As companies continue to search for ways to generate revenue online, and citizens continue to keep in touch, media enthusiasts begin to feel like a drop of water in the ocean. Too many people are distributing messages and not enough people are listening. We need to remember that in order for social media to be "social", it must be interactive. 

I believe that businesses need to approach social media with this purpose in mind: to build relationships. After all, anyone can follow 1500 people on Twitter or have a couple hundred Facebook friends. The key is making those connections work. 


Sunday, March 1, 2009

Social_Media.edu

I can still remember the day my college welcome packet arrived in the mail. Not because I was anxious to discover my dorm assignment. Not because I was curious to read my class schedule. In fact, I skipped though each of those pages and focused on one line: my ".edu" E-mail address. 

The summer of 2005 was as life changing a time frame as any in my life. I had just graduated from high school and was preparing for life as a college freshman. My exposure to social media at that time was fairly limited. Although I had managed to frequently update my Xanga site with inside jokes and diary entries, I was oblivious to the impact social media would have on my life in the very near future. 

I can recall one day that summer, I was reading a friend's Xanga when I noticed an interesting link at the bottom of the page. The link read: "Check out my Facebook profile". 

What is Facebook? I wondered.  

From that moment on, the Facebook craze spread like a wild fire throughout my social circle. Talk of wall posts, profile pictures and friend requests dominated conversation. At that time, only college students could start a Facebook profile, and an E-mail address ending in ".edu" served as the secret password to this ultra-exclusive club. 

The evolution of social media has developed my generation into a very unique user. Passionate, updated and open, we are scarcely afraid of sharing too much, but always trusting of our privacy. We frequently interact with users in similar networks, and may even be open to new conversation. In many cases, we select conversation topics at the suggestion of other users. 

To this user we must tailor our message. But how do we find them?

Saturday, February 28, 2009

Social Hour

I have a mission: To explore the power of social media.

Watching the news this week, I have seen more than six mentions of social media companies on various networks. From Facebook's controversial TOS changes, to Twitter lessons from a budding journalist, broadcasts have been jam-packed with social media buzzwords. 

The conversation of social media is being conducted all over the world, and although I have been actively discussing it in the classroom and at the conference table, I feel it is most appropriate to investigate the topic on its own turf: the Internet.

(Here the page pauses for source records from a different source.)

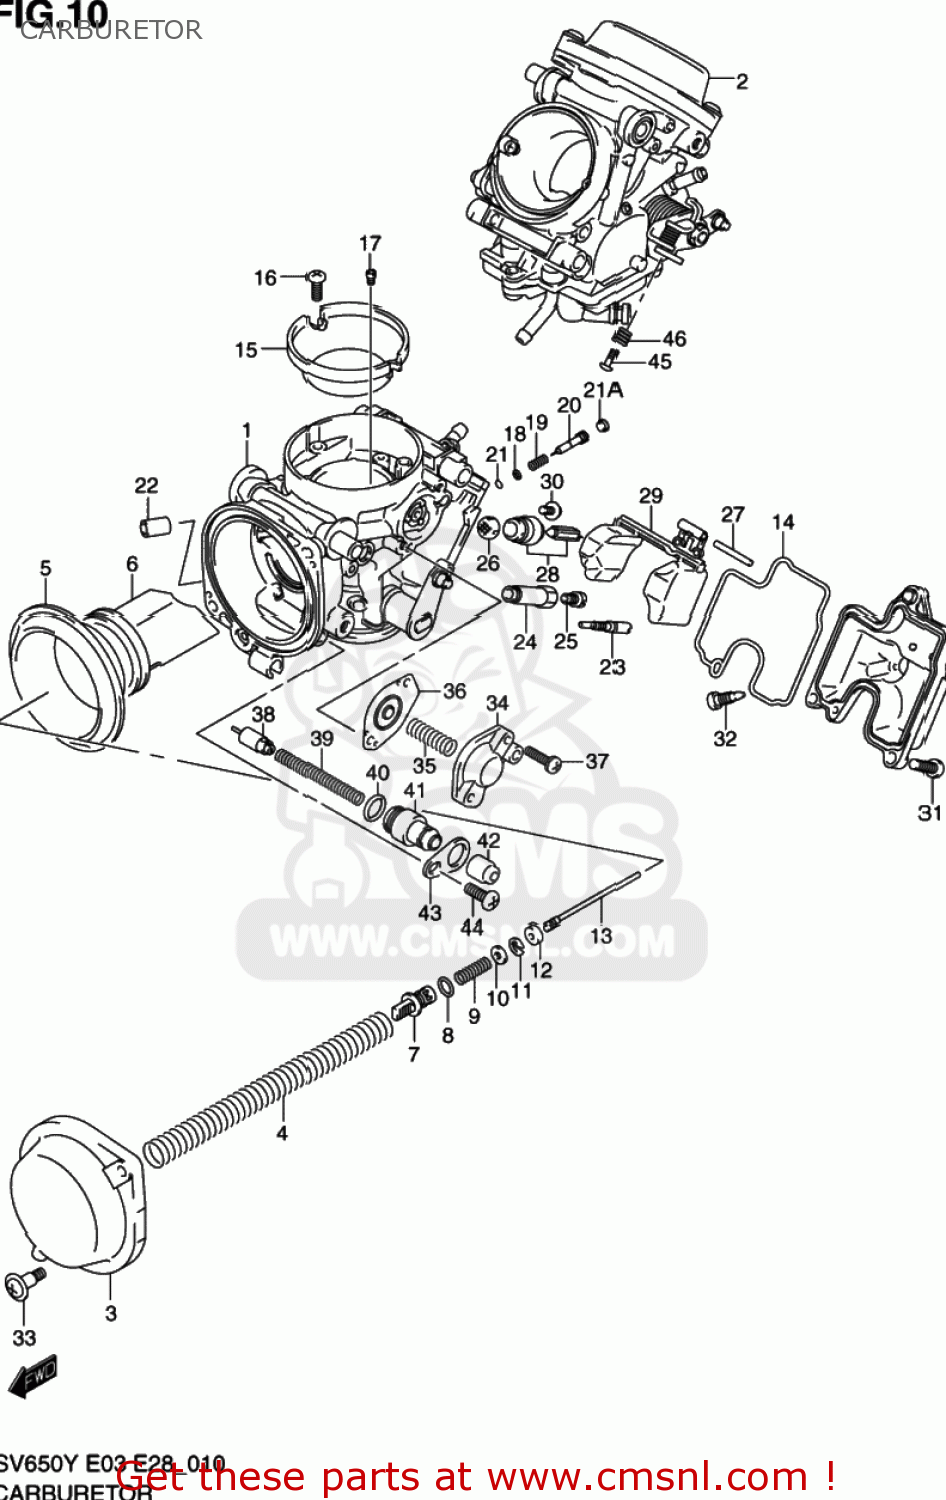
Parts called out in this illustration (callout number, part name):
1	CARBURETOR ASSY,FR
2	CARBURETOR ASSY,RR
3	COVER ASSY,DIAPHRAGM
4	SPRING
5	DIAPHRAGM
6	VALVE,PISTON
7	HOLDER
8	O RING(D:1.9,ID:4.8)
9	SPRING
10	WASHER
11	E RING,MULTIPLE JET NOZZLE
12	RING
13	JET,NEEDLE(6E42-54-1)
14	O RING
15	FUNNEL
16	SCREW
17	JET,AIR(160)
18	WASHER
19	SPRING,THROTTLE SCREW
20	ADJUSTER
21	O RING,PILOT AIR SCREW
21A	PLUG
22	CAP
23	JET,PILOT(15)
24	HOLDER,JET
25	JET,MAIN(137.5)
26	FILTER
27	PIN,FLOAT
28	VALVE ASSY,NEEDLE
29	FLOAT ASSY
30	SCREW
31	SCREW
32	PLUG,DRAIN
33	SCREW
34	COVER ASSY
35	SPRING
36	DIAPHRAGM ASSY
37	SCREW
38	PLUNGER,STARTER
39	SPRING
40	O RING
41	HOLDER,GUIDE
42	CAP
43	PLATE
44	SCREW(5X14)
45	SCREW
46	SPRING
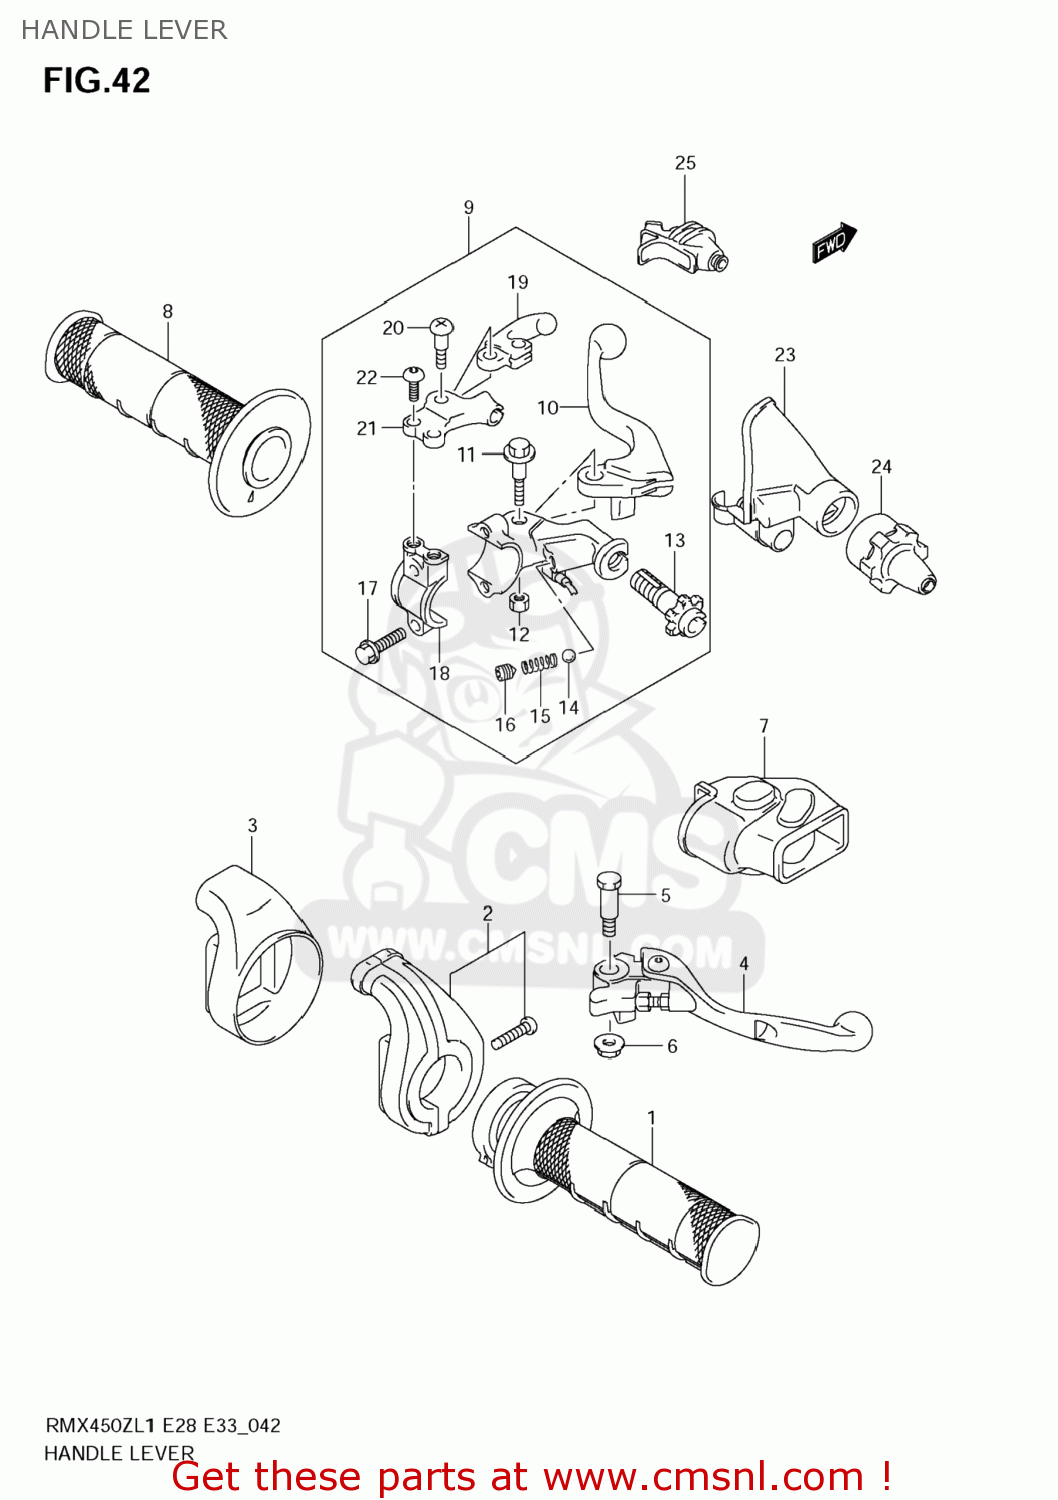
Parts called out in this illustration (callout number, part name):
1	GRIP,THROTTLE
2	CASE ASSY,THROTTLE
3	COVER,THROTTLE CASE
4	LEVER ASSY,BRAKE
5	BOLT,BRAKE LEVER
6	NUT
7	COVER,BRAKE LEVER
8	GRIP,L
9	LEVER ASSY,CLUTCH
10	LEVER,CLUTCH
11	BOLT
12	NUT
13	ADJUSTER,CABLE
14	BALL
15	SPRING
16	SCREW(6X8)
17	BOLT,BRACKET
18	HOLDER,CLUTCH LEVER
19	LEVER,HOT STARTER
20	BOLT,HOT STARTER LEVER
21	HOLDER,HOT STARTER LEVER
22	SCREW(5X12)
23	COVER,CLUTCH LEVER
24	COVER,CLUTCH ADJUSTER
25	COVER,HOT STARTER LEVER
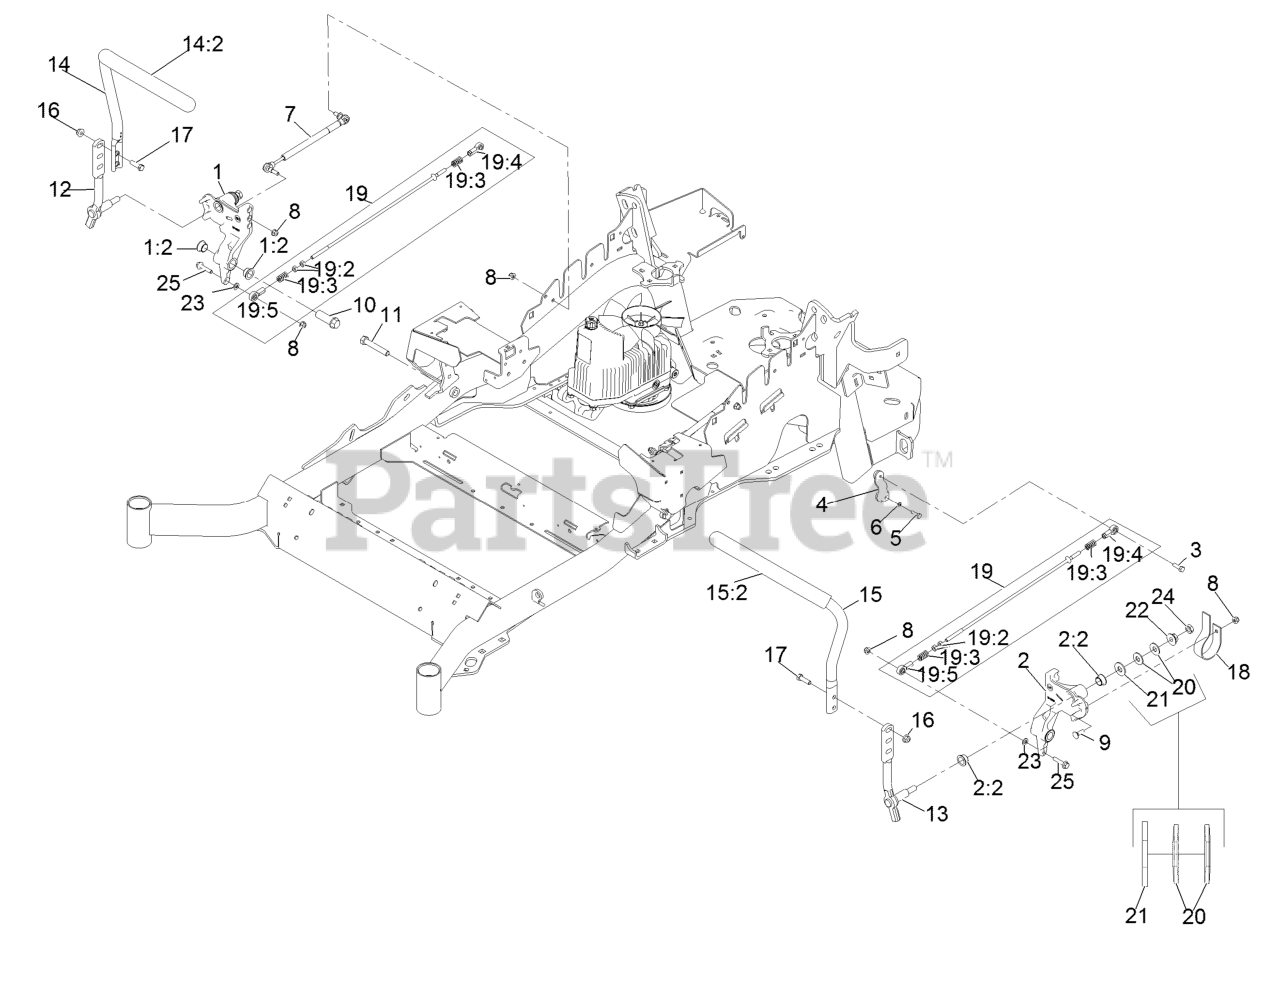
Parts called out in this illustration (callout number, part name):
1	RH Motion Control And Bushing ASM
1:2	Bushing-Flanged
2	LH Motion Control And Bushing ASM
2:2	Bushing-Flanged
3	Screw-HH 5/16-18 X 1 W/Patch
4	Arm-Control, Pump
5	Screw-HH 1/4-20 X 7/8
6	Washer-Spring Disc 1/4
7	Damper-Control, Motion
8	Nut-Nyloc 5/16-18 Flg
9	Bolt-Carriage 5/16-18 X 1
10	Hub-Threaded
11	Screw-HH 1/2-13 X 3
12	Lever-Control Motion, RH
13	Lever-Control Motion, LH
14	RH Steering Handle ASM
14:2	Grip-Control, Lever
15	LH Steering Handle ASM
15:2	Grip-Control, Lever
16	Nut-Nyloc 3/8-16 Flg
17	Screw-HH 3/8-16 X 1 1/4
18	Spring-Leaf
19	Front Pump Linkage ASM
19:2	Nut-Hex 5/16-24
19:3	Spring-Compression
19:4	Balljoint
19:5	Balljoint
20	Washer, Spring Disc 1/2
21	Washer
22	Nut-Hex 1/2-13 Flange
23	Washer-5/16 SAE
24	Nut-Jam 1/2-13
25	Screw-Hex Flange 5/16-18 X 1 1/2
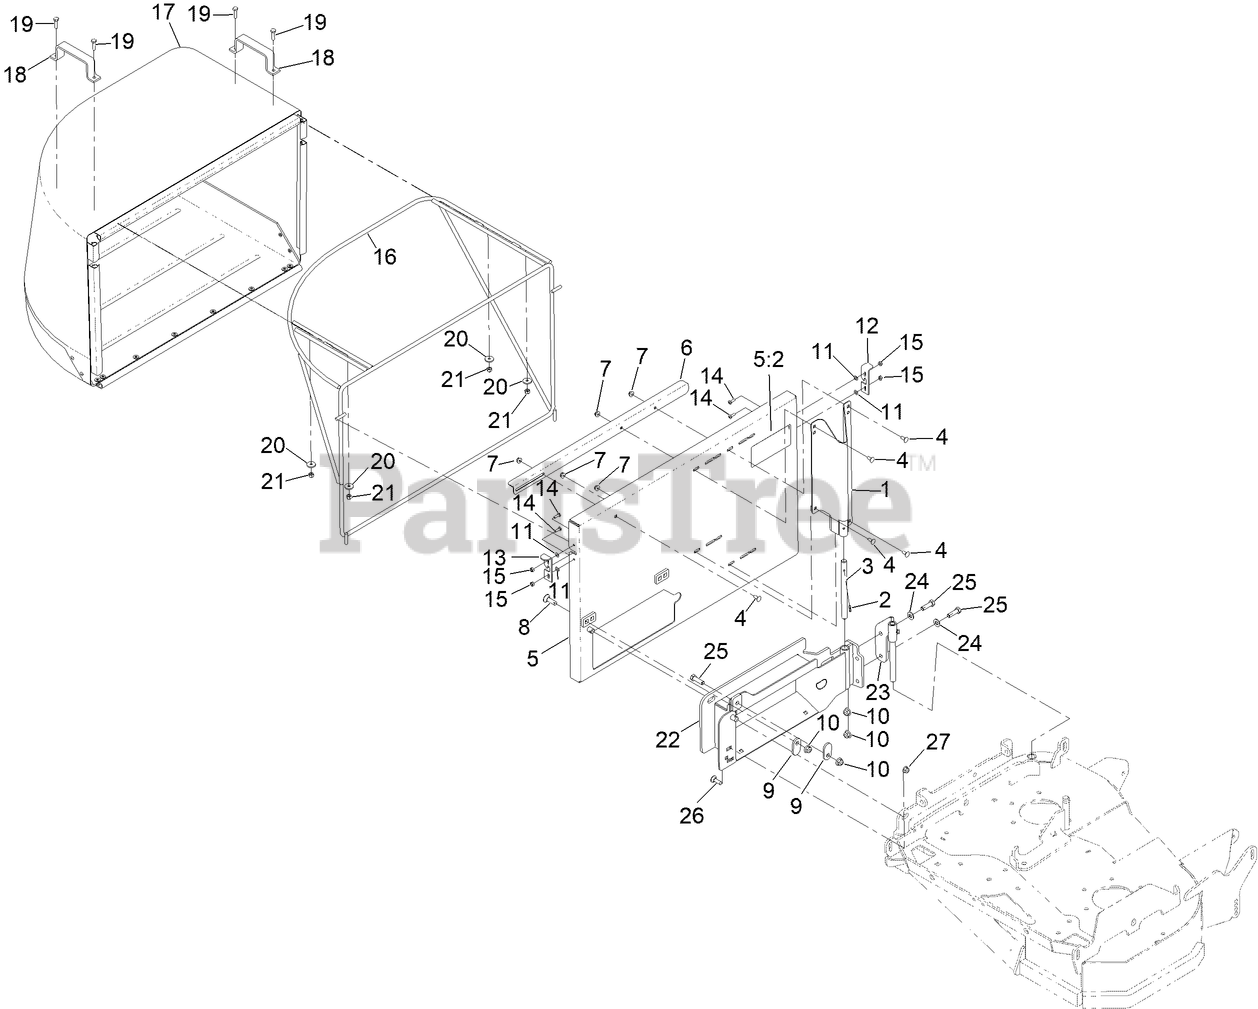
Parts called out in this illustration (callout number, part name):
1	WLD-BAG SUPT CHANNEL
2	PIN-ROLL
3	SHAFT-CATCHER, GRASS
4	SCREW-CARR
5	SIDE BAG PLATE W/DECAL
5:2	DECAL-WARNING THROWN OBJECTS
6	BAFFLE,ANTI-BLOWOUT
7	NUT-HF
8	BOLT-CARR
9	LATCH-CATCHER, GRASS
10	NUT-HF, NI
11	WASHER-SPRING
12	LATCH-CATCHER, RH
13	LATCH-CATCHER, LH
14	SCREW-PPH
15	NUT-LOCK, NI
16	FRAME-CATCHER
17	PAN AND CATCHER
19	SCREW-HH
20	WASHER
21	NUT-LOCK, NI
22	WELD-ADAPTOR ACC.
23	ASM-ADAPTOR HANGER
24	WASHER-FLAT
25	SCREW-HH
26	BOLT-CARR
27	NUT-HF, NI

So, when it comes to social media, my question is the same as everyone else's: How do we use it?

Instead of focusing on the ways we manipulate the social media programs themselves and what information we should or should not publish for the world to see, I intend to start a different conversation: How can we use social media to successfully and interactively distribute our message?

The answer to this question promises to be multifaceted, multiplayer and most of all, multimedia.

Like the carb-free craze of the new millennium, social media is present everywhere. There is a plethora of opportunity to anyone willing to talk. The question now, is how do we get people to listen?

It is this very difficult question that I will attempt to answer.